# Neo question



## Heather (Jul 22, 2008)

I thought someone here posted photos of a Neo with green tipped petals but now I cannot find it. I looked at Orchid Source too, to no avail. Any idea who posted or which variety it was? I think I may want one...

Thanks!


----------



## Shadow (Jul 22, 2008)

Are you looking for this thread? Or for something different? http://www.slippertalk.com/forum/showthread.php?t=8711


----------



## Heather (Jul 22, 2008)

Nope, but thanks Shadow, it was another green Neo - just with green on the tips of the petals. I have a Hisui (why I want another greenish one!)


----------



## Jorch (Jul 22, 2008)

Suikaden? or Yamadori Midori?


----------



## KyushuCalanthe (Jul 23, 2008)

Sounds like suikaden Heather.


----------



## Heather (Jul 23, 2008)

Yep, thanks, that's what it is, I finally remembered this afternoon that I had seen it on ebay.

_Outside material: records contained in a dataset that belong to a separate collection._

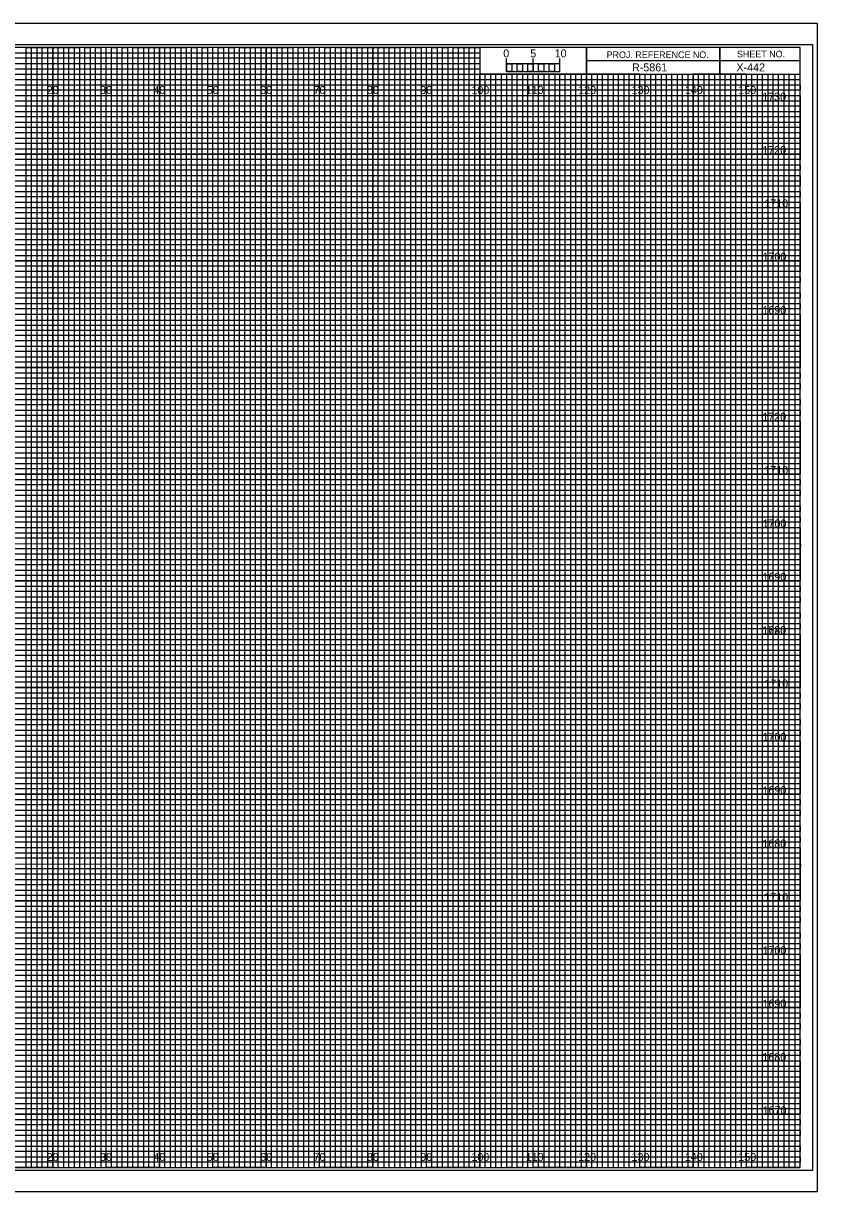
# Model space of a CAD drawing. Extents: x -13 to 323, y -5 to 1314.
# Drawn here: x 174.5 to 323.3, y 215.5 to 434.5 of the extents above; entities that cross this region are included whole.
import ezdxf

# ---------------------------------------------------------------- set-up
doc = ezdxf.new("R2010")
doc.units = 0
for name, color, linetype in [('Prop XS Bar Scale Labels', 7, 'Continuous'), ('Prop XS Project Number', 7, 'Continuous'), ('Prop XS Sheet Number', 7, 'Continuous'), ('Raster_Level_0', 7, 'Continuous'), ('Scratch_Level_3', 7, 'Continuous'), ('Sheet Cross Section CELL', 7, 'Continuous'), ('Sheet Cross Section Grid Major CELL', 7, 'Continuous'), ('Sheet Cross Section Grid Middle CELL', 7, 'Continuous'), ('Sheet Cross Section Grid Minor 1 CELL', 7, 'Continuous'), ('Sheet Cross Section Grid Minor 2 CELL', 7, 'Continuous'), ('Sheet Cross Section Scale CELL', 7, 'Continuous'), ('Sheet Cutting Line CELL', 7, 'Continuous'), ('Sheet DOT Grid CELL', 7, 'Continuous'), ('Sheet Plot Border Inside CELL', 7, 'Continuous'), ('Sheet Plot Border Outside CELL', 7, 'Continuous')]:
    doc.layers.add(name, color=color, linetype=linetype)

msp = doc.modelspace()

# ---------------------------------------------------------------- linework, layer by layer
at = {"layer": 'Sheet Cross Section CELL'}
for p, q in [((305, 430), (305, 425)), ((305, 425), (305, 430)), ((280, 427.5), (280, 425)), ((320, 427.49), (280, 427.49)), ((280, 425), (320, 425))]:
    msp.add_line(p, q, dxfattribs=at)
for points in [[(320, 430), (0, 430), (0, 220), (320, 220)], [(280, 430), (260, 430), (260, 425.03), (280, 425.03)], [(320, 430), (280, 430), (280, 425), (320, 425)]]:
    msp.add_lwpolyline(points, close=True, dxfattribs=at)
at = {"layer": 'Sheet Cross Section Grid Major CELL'}
for p, q in [((190, 430), (180, 430)), ((180, 430), (180, 220)), ((190, 220), (190, 430)), ((210, 430), (200, 430)), ((200, 430), (200, 220)), ((210, 220), (210, 430)), ((230, 430), (220, 430)), ((220, 430), (220, 220)), ((230, 220), (230, 430)), ((250, 430), (240, 430)), ((240, 430), (240, 220)), ((250, 220), (250, 430)), ((260, 430), (260, 220)), ((270, 220), (270, 425)), ((290, 425), (280, 425)), ((280, 425), (280, 220)), ((290, 220), (290, 425)), ((310, 425), (300, 425)), ((300, 425), (300, 220)), ((310, 220), (310, 425)), ((180, 220), (170, 220)), ((200, 220), (190, 220)), ((220, 220), (210, 220)), ((240, 220), (230, 220)), ((260, 220), (250, 220)), ((280, 220), (270, 220)), ((300, 220), (290, 220)), ((320, 220), (310, 220)), ((320, 220), (320, 220))]:
    msp.add_line(p, q, dxfattribs=at)
for points in [[(0, 420), (320, 420), (320, 410), (0, 410)], [(0, 400), (320, 400), (320, 390), (0, 390)], [(0, 380), (320, 380), (320, 370), (0, 370)], [(0, 360), (320, 360), (320, 350), (0, 350)], [(0, 340), (320, 340), (320, 330), (0, 330)], [(0, 320), (320, 320), (320, 310), (0, 310)], [(0, 300), (320, 300), (320, 290), (0, 290)], [(0, 280), (320, 280), (320, 270), (0, 270)], [(0, 260), (320, 260), (320, 250), (0, 250)], [(0, 240), (320, 240), (320, 230), (0, 230)]]:
    msp.add_lwpolyline(points, dxfattribs=at)
at = {"layer": 'Sheet Cross Section Grid Middle CELL'}
for points in [[(165, 220), (175, 220), (175, 430), (185, 430), (185, 220), (195, 220), (195, 430), (205, 430), (205, 220), (215, 220), (215, 430), (225, 430), (225, 220), (235, 220), (235, 430), (245, 430), (245, 220), (255, 220), (255, 430), (259.93, 430), (260, 430), (260, 425), (264.99, 425), (264.99, 220), (275, 220), (275, 425), (285, 425), (285, 220), (295, 220), (295, 425), (305, 425), (305, 220), (315, 220), (315, 425)], [(0, 425), (275, 425)], [(0, 405), (320, 405), (320, 415), (0, 415)], [(0, 385), (320, 385), (320, 395), (0, 395)], [(0, 365), (320, 365), (320, 375), (0, 375)], [(0, 345), (320, 345), (320, 355), (0, 355)], [(0, 325), (320, 325), (320, 335), (0, 335)], [(0, 305), (320, 305), (320, 315), (0, 315)], [(0, 285), (320, 285), (320, 295), (0, 295)], [(0, 265), (320, 265), (320, 275), (0, 275)], [(0, 245), (320, 245), (320, 255), (0, 255)], [(0, 225), (320, 225), (320, 235), (0, 235)]]:
    msp.add_lwpolyline(points, dxfattribs=at)
at = {"layer": 'Sheet Cross Section Grid Minor 1 CELL'}
for p, q in [((0, 429), (260, 429)), ((260, 427.98), (0, 427.98)), ((260, 429), (260, 427.98)), ((0, 427), (260, 427)), ((260, 425.89), (0, 425.89)), ((260, 427), (260, 425.89)), ((0, 424), (320, 424))]:
    msp.add_line(p, q, dxfattribs=at)
for points in [[(0, 423), (270, 423), (320, 423), (320, 422), (0, 422)], [(0, 421), (320, 421), (320, 419), (0, 419)], [(0, 418), (320, 418), (320, 417), (0, 416.98)], [(0, 416), (320, 416), (320, 414), (0, 414)], [(0, 413), (320, 413), (320, 412), (0, 412)], [(0, 411), (320, 411), (320, 409), (0, 409)], [(0, 408), (320, 408), (320, 407), (0, 407)], [(0, 406), (320, 406), (320, 404), (0, 404)], [(0, 403), (320, 403), (320, 402), (0, 402)], [(0, 401), (320, 401), (320, 399), (0, 399)], [(0, 398), (320, 398), (320, 397), (0, 397)], [(0, 396), (320, 396), (320, 393.95), (320, 393), (320, 392), (0, 392)], [(0, 394), (320, 394), (320, 393), (0, 393)], [(0, 391), (320, 391), (320, 389), (0, 389.03)], [(0, 389.03), (320, 389), (320, 388), (0, 388)], [(0, 387), (320, 387), (320, 386), (0, 386)], [(0, 384), (320, 384), (320, 383), (0, 383)], [(0, 382), (320, 382), (320, 381), (0, 381)], [(-0.07, 378.89), (320, 378.89), (320, 377.88), (-0.07, 377.88)], [(0, 377), (320, 377), (320, 376), (0, 376)], [(0, 374), (320, 374), (320, 373), (0, 373)], [(0, 372), (320, 372), (320, 371), (0, 371)], [(0, 369), (320, 369), (320, 368), (0, 368)], [(0, 367), (320, 367), (320, 366), (0, 366)], [(0, 364), (320, 364), (320, 363), (0, 363)], [(0, 362), (320, 362), (320, 361), (0, 361)], [(0, 359), (320, 359), (319.99, 357.98), (0, 358)], [(0, 357), (320, 357), (320, 356), (0, 356)], [(0, 354), (320, 354), (320, 353), (0, 353)], [(0, 352), (320, 352), (320, 351), (0, 351)], [(0, 349), (320, 349), (320, 348), (0, 348)], [(0, 347), (320, 347), (320, 346), (0, 346)], [(0, 344), (320, 344), (320, 343), (0, 343)], [(0, 342), (320, 342), (320, 341), (0, 341)], [(0, 339), (320, 339), (320, 338), (0, 338)], [(0, 336.99), (320.07, 336.91), (320, 336), (0, 336)], [(0, 334), (320, 334), (320, 333), (0, 333)], [(0, 332), (320, 332), (320, 331), (0, 331)], [(0, 329), (320, 329), (320, 328), (0, 328)], [(0, 327), (320, 327), (320, 326), (0, 326)], [(0, 324), (320, 324), (320, 323), (0, 323)], [(0, 322), (320, 322), (320, 321), (0, 321)], [(0, 319), (320, 319), (320, 318), (0, 318)], [(0, 317), (320, 317), (320, 316), (0, 316)], [(0, 314), (320, 314), (320, 313), (0, 313)], [(0, 312), (320, 312), (320, 311), (0, 311)], [(0, 309), (320, 309), (320, 308), (0, 308)], [(0, 307), (320, 307), (320, 306), (0, 306)], [(0, 304), (320, 304), (320, 303), (0, 303)], [(0, 302), (320, 302), (320, 301), (0, 301)], [(0, 299), (320, 299), (319.99, 297.98), (0, 298)], [(0, 297), (320, 297), (320, 296), (0, 296)], [(0, 294), (320, 294), (320, 293), (0, 293)], [(0, 292), (320, 292), (320, 291), (0, 291)], [(0, 289), (320, 289), (320, 288), (0, 288)], [(0, 287), (320, 287), (320, 286), (0, 286)], [(0, 284), (320, 284), (320, 283), (0, 283)], [(0, 282), (320, 282), (320, 281), (0, 281)], [(0, 279), (320, 279), (320, 278), (0, 278)], [(0, 276.99), (320.07, 276.91), (320, 276), (0, 276)], [(0, 274), (320, 274), (320, 273), (0, 273)], [(0, 272), (320, 272), (320, 271), (0, 271)], [(0, 269), (320, 269), (320, 268), (0, 268)], [(0, 267), (320, 267), (320, 266), (0, 266)], [(0, 264), (320, 264), (320, 263), (0, 263)], [(0, 262), (320, 262), (320, 261), (0, 261)], [(0, 259), (320, 259), (320, 258), (0, 258)], [(0, 257), (320, 257), (320, 256), (0, 256)], [(0, 254), (320, 254), (320, 253), (0, 253)], [(0, 252), (320, 252), (320, 251), (0, 251)], [(0, 249), (320, 249), (320, 248), (0, 248)], [(0, 247), (320, 247), (320, 246), (0, 246)], [(0, 244), (320, 244), (320, 243), (0, 243)], [(0, 242), (320, 242), (320, 241), (0, 241)], [(0, 239), (320, 239), (320, 238), (0, 238)], [(0, 237), (320, 237), (320, 236), (0, 236)], [(0, 234), (320, 234), (320, 233), (0, 233)], [(0, 232), (320, 232), (320, 231), (0, 231)], [(0, 229), (320, 229), (320, 228), (0, 228)], [(0, 227), (320, 227), (320, 226), (0, 226)], [(0, 224), (320, 224), (320, 223), (0, 223)], [(0, 222), (320, 222), (320, 221), (0, 221)]]:
    msp.add_lwpolyline(points, dxfattribs=at)
at = {"layer": 'Sheet Cross Section Grid Minor 2 CELL'}
for p, q in [((267, 425), (266.01, 425)), ((266.01, 425), (266.01, 220)), ((267, 220), (267, 425)), ((269, 425), (268, 425)), ((268, 425), (268, 220)), ((269, 220), (269, 425)), ((266.01, 220), (265, 220)), ((268, 220), (267, 220))]:
    msp.add_line(p, q, dxfattribs=at)
for points in [[(175, 220), (176, 220), (176, 430), (177, 430), (177, 220)], [(177, 220), (178, 220), (178, 430), (179, 430), (179, 220)], [(180, 220), (181, 220), (181, 430), (182, 430), (182, 220)], [(182, 220), (183, 220), (183, 430), (184, 430), (184, 220)], [(185, 220), (186, 220), (186, 430), (187, 430), (187, 220)], [(187, 220), (188, 220), (188, 430), (189, 430), (189, 220)], [(190, 220), (191, 220), (191, 430), (192, 430), (192, 220)], [(192, 220), (193, 220), (193, 430), (194, 430), (194, 220)], [(195, 220), (196, 220), (196, 430), (197, 430), (197, 220)], [(197, 220), (198, 220), (198, 430), (199, 430), (199, 220)], [(200, 220), (201, 220), (201, 430), (202, 430), (202, 220)], [(202, 220), (203, 220), (203, 430), (204, 430), (204, 220)], [(205, 220), (206, 220), (206, 430), (207, 430), (207, 220)], [(207, 220), (208, 220), (208, 430), (209, 430), (209, 220)], [(210, 220), (211, 220), (211, 430), (212, 430), (212, 220)], [(212, 220), (213, 220), (213, 430), (214, 430), (214, 220)], [(215, 220), (216, 220), (216, 430), (217, 430), (217, 220)], [(217, 220), (218, 220), (218, 430), (219, 430), (219, 220)], [(220, 220), (221, 220), (221, 430), (222, 430), (222, 220)], [(222, 220), (223, 220), (223, 430), (224, 430), (224, 220)], [(225, 220), (226, 220), (226, 430), (227, 430), (227, 220)], [(227, 220), (228, 220), (228, 430), (229, 430), (229, 220)], [(230, 220), (231, 220), (231, 430), (232, 430), (232, 220)], [(232, 220), (233, 220), (233, 430), (234, 430), (234, 220)], [(235, 220), (236, 220), (236, 430), (237, 430), (237, 220)], [(237, 220), (238, 220), (238, 430), (239, 430), (239, 220)], [(240, 220), (241, 220), (241, 430), (242, 430), (242, 220)], [(242, 220), (243, 220), (243, 430), (244, 430), (244, 220)], [(245, 220), (246, 220), (246, 430), (247, 430), (247, 220)], [(247, 220), (248, 220), (248, 430), (249, 430), (249, 220)], [(250, 220), (251, 220), (251, 430), (252, 430), (252, 220)], [(252, 220), (253, 220), (253, 430), (254, 430), (254, 220)], [(255, 220), (256, 220), (256, 430), (257, 430), (257, 220)], [(257, 220), (258, 220), (258, 430), (259, 430), (259, 220)], [(260, 220), (261, 220), (261, 425), (262.02, 425), (262.02, 220)], [(262, 220), (263, 220), (263, 425), (263.99, 425), (263.99, 220)], [(270, 220), (270.98, 220), (270.98, 425), (272, 425), (272, 220)], [(272, 220), (273, 220), (273, 425), (274.05, 425), (274.05, 220)], [(275, 220), (276, 220), (276, 425), (277, 425), (277, 220)], [(277, 220), (278, 220), (278, 425), (279, 425), (279, 220)], [(280, 220), (281, 220), (281, 425), (282, 425), (282, 220)], [(282, 220), (283, 220), (283, 425), (284, 425), (284, 220)], [(285, 220), (286, 220), (286, 425), (287, 425), (287, 220)], [(287, 220), (288, 220), (288, 425), (289, 425), (289, 220)], [(290, 220), (291, 220), (291, 425), (292, 425), (292, 220)], [(292, 220), (293, 220), (293, 425), (294, 425), (294, 220)], [(295, 220), (296, 220), (296, 425), (297, 425), (297, 220)], [(297, 220), (298, 220), (298, 425), (299, 425), (299, 220)], [(300, 220), (301, 220), (301, 425), (302, 425), (302, 220)], [(302, 220), (303, 220), (303, 425), (304, 425), (304, 220)], [(305, 220), (306, 220), (306, 425), (307, 425), (307, 220)], [(307, 220), (308, 220), (308, 425), (309, 425), (309, 220)], [(310, 220), (311, 220), (311, 425), (312, 425), (312, 220)], [(312, 220), (313, 220), (313, 425), (314, 425), (314, 220)], [(315, 220), (316, 220), (316, 425), (317, 425), (317, 220)], [(317, 220), (318, 220), (318, 425), (319, 425), (319, 220)]]:
    msp.add_lwpolyline(points, dxfattribs=at)
at = {"layer": 'Sheet Cross Section Scale CELL'}
for p, q in [((265, 425.49), (265, 427.9)), ((265, 426.9), (265, 427.9)), ((270, 425.49), (270, 427.9)), ((275, 425.49), (275, 427.9)), ((275, 426.9), (275, 427.9))]:
    msp.add_line(p, q, dxfattribs=at)
for points in [[(275, 426.9), (265, 426.9), (265, 425.49), (275, 425.49)], [(265, 426.9), (266, 426.9), (266, 425.49), (265, 425.49)], [(267, 426.9), (268, 426.9), (268, 425.49), (267, 425.49)], [(269, 426.9), (270, 426.9), (270, 425.49), (269, 425.49)], [(271, 426.9), (272, 426.9), (272, 425.49), (271, 425.49)], [(273, 426.9), (274, 426.9), (274, 425.49), (273, 425.49)]]:
    msp.add_lwpolyline(points, close=True, dxfattribs=at)
at = {"layer": 'Sheet Cutting Line CELL'}
for p, q in [((323.3, 434.5), (-13.4, 434.5)), ((-13.4, 215.5), (323.3, 215.5))]:
    msp.add_line(p, q, dxfattribs=at)
at = {"layer": 'Sheet DOT Grid CELL'}
for p, q in [((180, 220), (180, 430)), ((190, 220), (190, 430)), ((200, 220), (200, 430)), ((210, 220), (210, 430)), ((220, 220), (220, 430)), ((230, 220), (230, 430)), ((240, 220), (240, 430)), ((250, 220), (250, 430)), ((260, 220), (260, 424.69)), ((270, 220), (270, 424.69)), ((280, 220), (280, 424.69)), ((290, 220), (290, 424.69)), ((300, 220), (300, 424.69)), ((310, 220), (310, 424.69)), ((0, 420), (320, 420)), ((0, 410), (320, 410)), ((0, 400), (320, 400)), ((0, 390), (320, 390)), ((0, 380), (320, 380)), ((0, 370), (320, 370)), ((0, 360), (320, 360)), ((0, 350), (320, 350)), ((0, 340), (320, 340)), ((0, 330), (320, 330)), ((0, 320), (320, 320)), ((0, 310), (320, 310)), ((0, 300), (320, 300)), ((0, 290), (320, 290)), ((0, 280), (320, 280)), ((0, 270), (320, 270)), ((0, 260), (320, 260)), ((0, 250), (320, 250)), ((0, 240), (320, 240)), ((0, 230), (320, 230))]:
    msp.add_line(p, q, dxfattribs=at)
at = {"layer": 'Sheet Plot Border Inside CELL'}
msp.add_lwpolyline([(-10.8, 219.5), (322.4, 219.5), (322.4, 430.5), (-10.8, 430.5)], close=True, dxfattribs=at)
at = {"layer": 'Sheet Plot Border Outside CELL'}
msp.add_lwpolyline([(-13.4, 215.5), (323.3, 215.5), (323.3, 434.5), (-13.4, 434.5)], close=True, dxfattribs=at)

# ---------------------------------------------------------------- texts
at = {"layer": 'Prop XS Bar Scale Labels'}
for s, p in [('5', (269.47, 428.12)), ('10', (274.04, 428.12))]:
    msp.add_text(s, height=1.5, dxfattribs=at).set_placement(p)
at = {"layer": 'Prop XS Project Number'}
msp.add_text('R-5861', height=1.5, dxfattribs=at).set_placement((288.53, 425.5))
at = {"layer": 'Prop XS Sheet Number'}
msp.add_text('X-442', height=1.5, dxfattribs=at).set_placement((308.09, 425.5))
at = {"layer": 'Raster_Level_0'}
for s, p in [('20', (178.86, 421.25)), ('30', (188.86, 421.25)), ('40', (198.86, 421.25)), ('50', (208.86, 421.25)), ('60', (218.86, 421.25)), ('70', (228.86, 421.25)), ('80', (238.86, 421.25)), ('90', (248.86, 421.25)), ('100', (258.44, 421.25)), ('110', (268.62, 421.25)), ('120', (278.44, 421.25)), ('130', (288.44, 421.25)), ('140', (298.44, 421.25)), ('150', (308.44, 421.25)), ('20', (178.86, 221.25)), ('30', (188.86, 221.25)), ('40', (198.86, 221.25)), ('50', (208.86, 221.25)), ('60', (218.86, 221.25)), ('70', (228.86, 221.25)), ('80', (238.86, 221.25)), ('90', (248.86, 221.25)), ('100', (258.44, 221.25)), ('110', (268.62, 221.25)), ('120', (278.44, 221.25)), ('130', (288.44, 221.25)), ('140', (298.44, 221.25)), ('150', (308.44, 221.25))]:
    msp.add_text(s, height=1.5, dxfattribs=at).set_placement(p)
at = {"layer": 'Scratch_Level_3'}
for s, p in [('1730', (312.92, 420)), ('1720', (312.93, 410)), ('1710', (313.31, 400)), ('1700', (312.98, 390)), ('1690', (312.97, 380)), ('1720', (312.93, 360)), ('1710', (313.31, 350)), ('1700', (312.98, 340)), ('1690', (312.97, 330)), ('1720', (312.93, 320)), ('1680', (312.95, 320)), ('1710', (313.31, 310)), ('1700', (312.98, 300)), ('1690', (312.97, 290)), ('1680', (312.95, 280)), ('1710', (313.31, 270)), ('1700', (312.98, 260)), ('1690', (312.97, 250)), ('1680', (312.95, 240)), ('1670', (313, 230))]:
    msp.add_text(s, height=1.5, dxfattribs=at).set_placement(p)
at = {"layer": 'Sheet Cross Section CELL'}
for s, p in [('PROJ. REFERENCE NO.', (283.77, 427.99)), ('SHEET NO.', (308.19, 428.12))]:
    msp.add_text(s, height=1.25, dxfattribs=at).set_placement(p)
at = {"layer": 'Sheet Cross Section Scale CELL'}
msp.add_text('0', height=1.5, dxfattribs=at).set_placement((264.41, 428.12))

doc.saveas('drawing.dxf')

Thanks Tom!


----------



## DukeBoxer (Jul 24, 2008)

Heather, you saw that a few days ago on ebay, right? I bought one of those, plus the 'Tamakongo' and a 'Tensho' from him. Good prices too. The 'Tensho' is cool, it's small growing, with upright leaves and the spur on the flower comes out the front of the flower. In a book I got from him too it's called 'Tenshin' but it looks the same. There are also a few with 3 spurs that I saw, they look like little devil flowers, pretty neat!


----------